Fibre bundle (FB)-based endoscopes are indispensable in biology and medical science due to their minimally invasive nature. However, resolution and contrast for fluorescence imaging are limited due to characteristic features of the FBs, such as low numerical aperture (NA) and individual fibre core sizes. In this study, we improved the resolution and contrast of sample fluorescence images acquired using in-house fabricated high-NA FBs by utilising generative adversarial networks (GANs). In order to train our deep learning model, we built an FB-based multifocal structured illumination microscope (MSIM) based on a digital micromirror device (DMD) which improves the resolution and the contrast substantially compared to basic FB-based fluorescence microscopes.
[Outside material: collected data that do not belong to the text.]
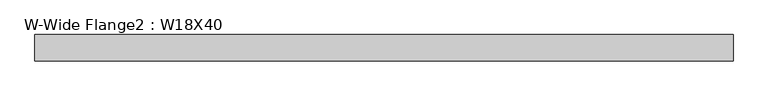
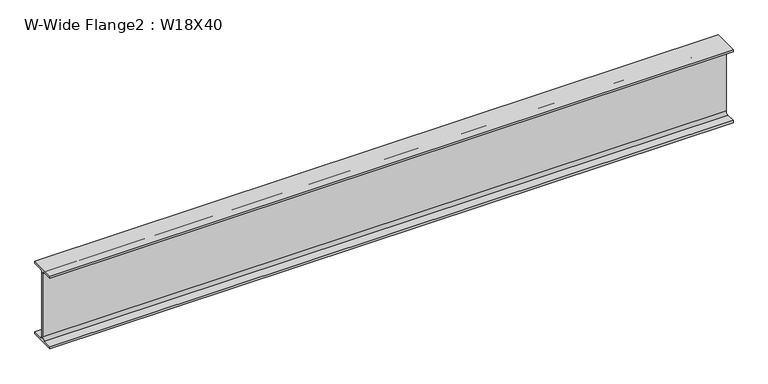
"""IFC4 building model written with IfcOpenShell, lengths in millimetres: beam geometry, W-Wide Flange2 : W18X40."""

from ifc_helpers import new_model, si_unit, point, frame, frame_2d, origin, place, context, project, spatial, polyline, circle_curve, trimmed, segment, composite_curve, outline, extrude, source, transform, mapped, element, save


def w_wide_flange2_w18x40_35389f5a(model_context):
    return source(origin(), model_context, "Body", "SweptSolid", [
        extrude(outline(composite_curve([segment(polyline([(76.454, -213.995), (76.454, -227.33), (-76.454, -227.33), (-76.454, -213.995), (-20.828, -213.995)]), True, "CONTINUOUS"), segment(trimmed(circle_curve(frame_2d((-20.828, -197.1675)), 16.8275), [point((-20.828, -213.995))], [point((-4.0005, -197.1675))], True, "CARTESIAN"), True, "CONTINUOUS"), segment(polyline([(-4.0005, -197.1675), (-4.0005, 197.1675)]), True, "CONTINUOUS"), segment(trimmed(circle_curve(frame_2d((-20.828, 197.1675)), 16.8275), [point((-4.0005, 197.1675))], [point((-20.828, 213.995))], True, "CARTESIAN"), True, "CONTINUOUS"), segment(polyline([(-20.828, 213.995), (-76.454, 213.995), (-76.454, 227.33), (76.454, 227.33), (76.454, 213.995), (20.828, 213.995)]), True, "CONTINUOUS"), segment(trimmed(circle_curve(frame_2d((20.828, 197.1675)), 16.8275), [point((20.828, 213.995))], [point((4.0005, 197.1675))], True, "CARTESIAN"), True, "CONTINUOUS"), segment(polyline([(4.0005, 197.1675), (4.0005, -197.1675)]), True, "CONTINUOUS"), segment(trimmed(circle_curve(frame_2d((20.828, -197.1675)), 16.8275), [point((4.0005, -197.1675))], [point((20.828, -213.995))], True, "CARTESIAN"), True, "CONTINUOUS"), segment(polyline([(20.828, -213.995), (76.454, -213.995)]), True, "CONTINUOUS")], self_intersect=False)), frame((-2017.7125, 0.0, 0.0), z_axis=(1.0, 0.0, 0.0), x_axis=(0.0, 1.0, 0.0)), (0.0, 0.0, 1.0), 4035.425),
    ])


if __name__ == "__main__":
    model = new_model("IFC4")
    model_context = context("Model", 3, world=origin())
    ifc_project = project(units=[si_unit("LENGTHUNIT", "METRE", prefix="MILLI")], contexts=[model_context])
    site = spatial("IfcSite", under=ifc_project)
    building = spatial("IfcBuilding", under=site)
    placement = place(None, origin())
    w_wide_flange2_w18x40_shape = w_wide_flange2_w18x40_35389f5a(model_context)
    element("IfcBeam", 1, ObjectType="W-Wide Flange2 : W18X40", at=placement, inside=building, context=model_context, shape_type="MappedRepresentation", body=[
        mapped(w_wide_flange2_w18x40_shape, transform((0.0, 0.0, 0.0), x_axis=(1.0, 0.0, 0.0), y_axis=(0.0, 1.0, 0.0), z_axis=(0.0, 0.0, 1.0))),
    ])
    save(model, "model.ifc")

# Revit data of these elements
# Type "W-Wide Flange2 : W18X40"
#   Assembly Code = "B10"
#   W = 40
#   Length [instance default] = 5' - 0"
#   bf = 0' - 6.02"
#   d = 1' - 5.9"
#   k = 0' - 1 3/16"
#   k2 = 0' - 0.6625"
#   tf = 0' - 0.525"
#   tw = 0' - 0.315"
#   A = 0.0819444 SF
#   Structural Material [instance default] = Steel ASTM A992
# Element 1 (IfcBeam, "W-Wide Flange2 : W18X40")
#   Materials on its faces: "Steel ASTM A992"
# Materials
#   "Steel ASTM A992": class "Metal", colour RGB 199 199 199, transparency 0, Description = "Structural steel 50ksi", Cost = 0

After network training, the GAN model, employing image-to-image translation techniques, effectively transformed wide-field images into high-resolution MSIM images without the need for any additional optical hardware. The results demonstrated that GAN-generated outputs significantly enhanced both contrast and resolution compared to the original wide-field images. These findings highlight the potential of GAN-based models trained using MSIM data to enhance resolution and contrast in wide-field imaging for fibre bundle-based fluorescence microscopy. Lay Description: Fibre bundle (FB) endoscopes are essential in biology and medicine but suffer from limited resolution and contrast for fluorescence imaging. Here we improved these limitations using high-NA FBs and generative adversarial networks (GANs). We trained a GAN model with data from an FB-based multifocal structured illumination microscope (MSIM) to enhance resolution and contrast without additional optical hardware. Results showed significant enhancement in contrast and resolution, showcasing the potential of GAN-based models for fibre bundle-based fluorescence microscopy.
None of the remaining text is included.